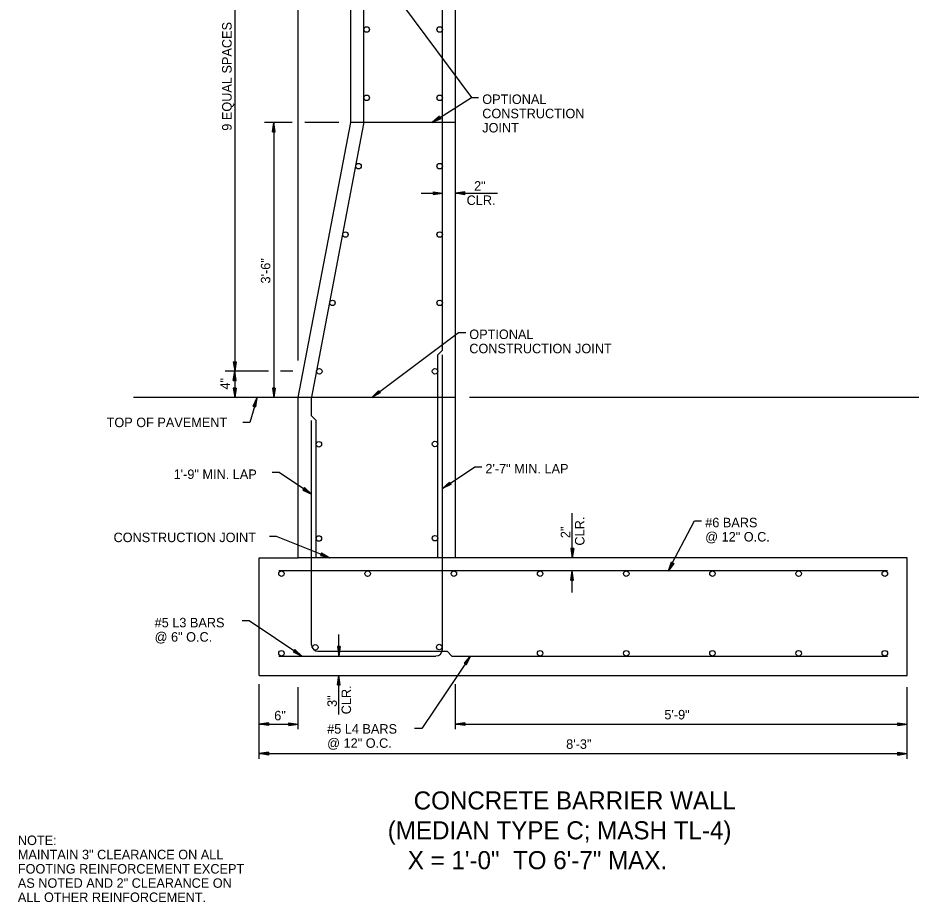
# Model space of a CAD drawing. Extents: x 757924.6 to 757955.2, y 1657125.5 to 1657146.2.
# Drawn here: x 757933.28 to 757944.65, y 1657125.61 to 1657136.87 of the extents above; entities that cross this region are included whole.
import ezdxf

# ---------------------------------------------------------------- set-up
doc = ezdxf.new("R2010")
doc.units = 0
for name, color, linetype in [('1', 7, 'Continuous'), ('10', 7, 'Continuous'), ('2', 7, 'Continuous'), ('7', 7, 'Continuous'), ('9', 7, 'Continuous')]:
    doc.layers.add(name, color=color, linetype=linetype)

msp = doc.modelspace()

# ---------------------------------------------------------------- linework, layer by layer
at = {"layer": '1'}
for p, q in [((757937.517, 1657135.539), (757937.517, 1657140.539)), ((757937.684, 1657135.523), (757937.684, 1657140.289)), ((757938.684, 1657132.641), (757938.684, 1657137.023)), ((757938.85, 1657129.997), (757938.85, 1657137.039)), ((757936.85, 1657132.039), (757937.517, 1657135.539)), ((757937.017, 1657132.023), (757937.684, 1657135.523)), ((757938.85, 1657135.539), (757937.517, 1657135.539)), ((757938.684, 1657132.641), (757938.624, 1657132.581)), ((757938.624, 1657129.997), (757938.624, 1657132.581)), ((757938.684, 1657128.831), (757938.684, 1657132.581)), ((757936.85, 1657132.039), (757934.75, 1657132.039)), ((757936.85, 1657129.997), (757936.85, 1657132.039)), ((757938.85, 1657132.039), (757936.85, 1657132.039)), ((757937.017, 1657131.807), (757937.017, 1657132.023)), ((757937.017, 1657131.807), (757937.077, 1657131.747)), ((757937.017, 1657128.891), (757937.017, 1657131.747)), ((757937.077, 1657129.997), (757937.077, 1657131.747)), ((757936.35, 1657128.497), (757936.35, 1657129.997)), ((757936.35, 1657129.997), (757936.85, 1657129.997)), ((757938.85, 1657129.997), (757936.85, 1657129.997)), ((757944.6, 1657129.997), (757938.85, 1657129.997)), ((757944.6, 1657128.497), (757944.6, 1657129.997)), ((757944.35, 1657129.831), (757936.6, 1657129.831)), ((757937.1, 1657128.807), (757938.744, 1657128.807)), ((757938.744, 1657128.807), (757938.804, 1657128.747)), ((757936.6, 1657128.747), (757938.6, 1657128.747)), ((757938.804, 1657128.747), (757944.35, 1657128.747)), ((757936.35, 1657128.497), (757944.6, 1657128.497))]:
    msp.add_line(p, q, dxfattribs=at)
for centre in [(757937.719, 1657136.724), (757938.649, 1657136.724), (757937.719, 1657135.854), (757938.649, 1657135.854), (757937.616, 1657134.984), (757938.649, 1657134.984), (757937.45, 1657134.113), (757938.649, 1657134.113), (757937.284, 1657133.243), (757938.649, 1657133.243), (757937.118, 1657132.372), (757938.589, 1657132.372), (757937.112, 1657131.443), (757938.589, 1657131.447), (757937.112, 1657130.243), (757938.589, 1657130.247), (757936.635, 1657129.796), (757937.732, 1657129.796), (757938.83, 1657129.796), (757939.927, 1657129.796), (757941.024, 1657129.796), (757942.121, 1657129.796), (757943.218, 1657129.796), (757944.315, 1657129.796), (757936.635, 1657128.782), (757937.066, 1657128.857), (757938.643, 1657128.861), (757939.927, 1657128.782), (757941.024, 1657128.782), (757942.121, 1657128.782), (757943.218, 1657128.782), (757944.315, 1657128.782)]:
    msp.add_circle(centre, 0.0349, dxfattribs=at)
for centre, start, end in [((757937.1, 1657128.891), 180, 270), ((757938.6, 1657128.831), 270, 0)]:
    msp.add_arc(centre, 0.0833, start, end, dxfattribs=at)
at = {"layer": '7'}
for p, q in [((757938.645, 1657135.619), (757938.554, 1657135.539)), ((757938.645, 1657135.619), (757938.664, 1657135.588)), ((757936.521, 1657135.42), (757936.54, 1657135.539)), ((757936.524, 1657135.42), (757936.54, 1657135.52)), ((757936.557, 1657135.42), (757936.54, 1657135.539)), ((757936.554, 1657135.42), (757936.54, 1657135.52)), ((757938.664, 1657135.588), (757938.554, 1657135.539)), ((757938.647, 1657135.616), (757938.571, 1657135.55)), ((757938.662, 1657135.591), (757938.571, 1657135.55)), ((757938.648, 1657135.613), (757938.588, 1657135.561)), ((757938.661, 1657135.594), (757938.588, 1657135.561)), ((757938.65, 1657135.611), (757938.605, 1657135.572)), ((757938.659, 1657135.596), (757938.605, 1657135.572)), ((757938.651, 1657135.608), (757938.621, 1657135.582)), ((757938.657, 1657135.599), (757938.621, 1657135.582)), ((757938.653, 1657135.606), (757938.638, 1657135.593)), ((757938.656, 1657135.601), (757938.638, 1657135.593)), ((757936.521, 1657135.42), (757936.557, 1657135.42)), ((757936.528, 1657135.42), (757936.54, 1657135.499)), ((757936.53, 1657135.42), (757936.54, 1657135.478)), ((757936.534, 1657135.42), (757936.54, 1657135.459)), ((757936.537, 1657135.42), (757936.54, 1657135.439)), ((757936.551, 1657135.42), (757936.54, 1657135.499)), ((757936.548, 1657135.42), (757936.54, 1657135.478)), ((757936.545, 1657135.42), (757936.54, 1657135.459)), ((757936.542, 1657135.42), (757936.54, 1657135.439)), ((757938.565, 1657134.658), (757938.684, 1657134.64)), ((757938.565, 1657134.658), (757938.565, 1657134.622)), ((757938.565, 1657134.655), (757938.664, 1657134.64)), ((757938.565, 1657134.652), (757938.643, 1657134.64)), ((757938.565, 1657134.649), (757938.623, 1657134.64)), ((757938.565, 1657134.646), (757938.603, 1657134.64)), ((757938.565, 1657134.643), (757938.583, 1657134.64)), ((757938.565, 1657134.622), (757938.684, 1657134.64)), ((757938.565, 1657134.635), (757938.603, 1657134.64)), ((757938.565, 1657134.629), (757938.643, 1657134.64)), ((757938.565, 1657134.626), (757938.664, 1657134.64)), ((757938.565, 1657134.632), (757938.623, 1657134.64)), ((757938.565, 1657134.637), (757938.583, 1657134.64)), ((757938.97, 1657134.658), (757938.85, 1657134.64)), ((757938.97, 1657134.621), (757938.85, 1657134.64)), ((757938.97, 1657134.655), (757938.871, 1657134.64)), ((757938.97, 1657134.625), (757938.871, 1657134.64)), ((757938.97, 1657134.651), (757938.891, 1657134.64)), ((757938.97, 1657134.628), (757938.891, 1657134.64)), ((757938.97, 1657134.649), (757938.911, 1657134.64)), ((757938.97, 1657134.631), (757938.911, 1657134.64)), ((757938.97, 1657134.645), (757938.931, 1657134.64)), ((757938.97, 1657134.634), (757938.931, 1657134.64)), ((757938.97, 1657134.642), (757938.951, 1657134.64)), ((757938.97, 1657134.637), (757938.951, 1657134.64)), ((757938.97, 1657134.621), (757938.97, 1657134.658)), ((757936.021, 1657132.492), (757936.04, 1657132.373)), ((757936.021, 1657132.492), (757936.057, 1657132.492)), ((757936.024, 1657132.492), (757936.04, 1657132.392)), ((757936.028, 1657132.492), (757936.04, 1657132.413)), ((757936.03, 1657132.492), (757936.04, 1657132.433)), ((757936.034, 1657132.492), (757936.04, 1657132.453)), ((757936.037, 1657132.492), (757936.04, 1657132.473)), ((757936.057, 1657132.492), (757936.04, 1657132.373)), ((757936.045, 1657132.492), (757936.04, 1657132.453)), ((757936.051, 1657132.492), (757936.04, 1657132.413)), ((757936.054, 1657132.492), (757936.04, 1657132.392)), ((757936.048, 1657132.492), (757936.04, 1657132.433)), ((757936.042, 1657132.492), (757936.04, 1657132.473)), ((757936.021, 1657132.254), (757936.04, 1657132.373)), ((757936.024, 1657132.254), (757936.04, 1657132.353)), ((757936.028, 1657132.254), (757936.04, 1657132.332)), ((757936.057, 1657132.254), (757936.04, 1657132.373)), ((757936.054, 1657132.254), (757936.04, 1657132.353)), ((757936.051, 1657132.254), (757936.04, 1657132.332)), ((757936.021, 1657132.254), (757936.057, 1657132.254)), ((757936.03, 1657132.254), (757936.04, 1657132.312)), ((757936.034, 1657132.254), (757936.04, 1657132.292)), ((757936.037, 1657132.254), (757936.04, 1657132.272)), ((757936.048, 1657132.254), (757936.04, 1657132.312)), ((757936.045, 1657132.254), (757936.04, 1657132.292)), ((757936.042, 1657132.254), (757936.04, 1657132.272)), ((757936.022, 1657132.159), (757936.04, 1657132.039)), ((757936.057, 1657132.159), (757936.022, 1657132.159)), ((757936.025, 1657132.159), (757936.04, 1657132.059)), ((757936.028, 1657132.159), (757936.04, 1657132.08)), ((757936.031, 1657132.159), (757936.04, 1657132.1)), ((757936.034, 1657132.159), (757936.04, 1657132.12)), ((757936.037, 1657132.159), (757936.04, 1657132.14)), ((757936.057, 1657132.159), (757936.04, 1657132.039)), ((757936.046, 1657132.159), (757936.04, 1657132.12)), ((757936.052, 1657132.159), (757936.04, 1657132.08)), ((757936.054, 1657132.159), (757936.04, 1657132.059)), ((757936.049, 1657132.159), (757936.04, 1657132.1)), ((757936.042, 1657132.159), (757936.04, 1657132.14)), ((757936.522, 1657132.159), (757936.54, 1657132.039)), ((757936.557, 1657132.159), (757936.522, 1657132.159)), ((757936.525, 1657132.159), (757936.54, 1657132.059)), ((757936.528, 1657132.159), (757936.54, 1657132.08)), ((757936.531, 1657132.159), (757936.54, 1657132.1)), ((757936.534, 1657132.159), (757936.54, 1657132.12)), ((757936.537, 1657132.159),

● **EXERCISE OBJECTIVE**:
Using the entries above, output exactly the lines between the line holding "layer by layer" and the line holding "msp.add_line(p, q, dxfattribs=at)", end lines included, and nothing more.

● **TASK SOLUTION**:
# ---------------------------------------------------------------- linework, layer by layer
at = {"layer": '1'}
for p, q in [((757937.517, 1657135.539), (757937.517, 1657140.539)), ((757937.684, 1657135.523), (757937.684, 1657140.289)), ((757938.684, 1657132.641), (757938.684, 1657137.023)), ((757938.85, 1657129.997), (757938.85, 1657137.039)), ((757936.85, 1657132.039), (757937.517, 1657135.539)), ((757937.017, 1657132.023), (757937.684, 1657135.523)), ((757938.85, 1657135.539), (757937.517, 1657135.539)), ((757938.684, 1657132.641), (757938.624, 1657132.581)), ((757938.624, 1657129.997), (757938.624, 1657132.581)), ((757938.684, 1657128.831), (757938.684, 1657132.581)), ((757936.85, 1657132.039), (757934.75, 1657132.039)), ((757936.85, 1657129.997), (757936.85, 1657132.039)), ((757938.85, 1657132.039), (757936.85, 1657132.039)), ((757937.017, 1657131.807), (757937.017, 1657132.023)), ((757937.017, 1657131.807), (757937.077, 1657131.747)), ((757937.017, 1657128.891), (757937.017, 1657131.747)), ((757937.077, 1657129.997), (757937.077, 1657131.747)), ((757936.35, 1657128.497), (757936.35, 1657129.997)), ((757936.35, 1657129.997), (757936.85, 1657129.997)), ((757938.85, 1657129.997), (757936.85, 1657129.997)), ((757944.6, 1657129.997), (757938.85, 1657129.997)), ((757944.6, 1657128.497), (757944.6, 1657129.997)), ((757944.35, 1657129.831), (757936.6, 1657129.831)), ((757937.1, 1657128.807), (757938.744, 1657128.807)), ((757938.744, 1657128.807), (757938.804, 1657128.747)), ((757936.6, 1657128.747), (757938.6, 1657128.747)), ((757938.804, 1657128.747), (757944.35, 1657128.747)), ((757936.35, 1657128.497), (757944.6, 1657128.497))]:
    msp.add_line(p, q, dxfattribs=at)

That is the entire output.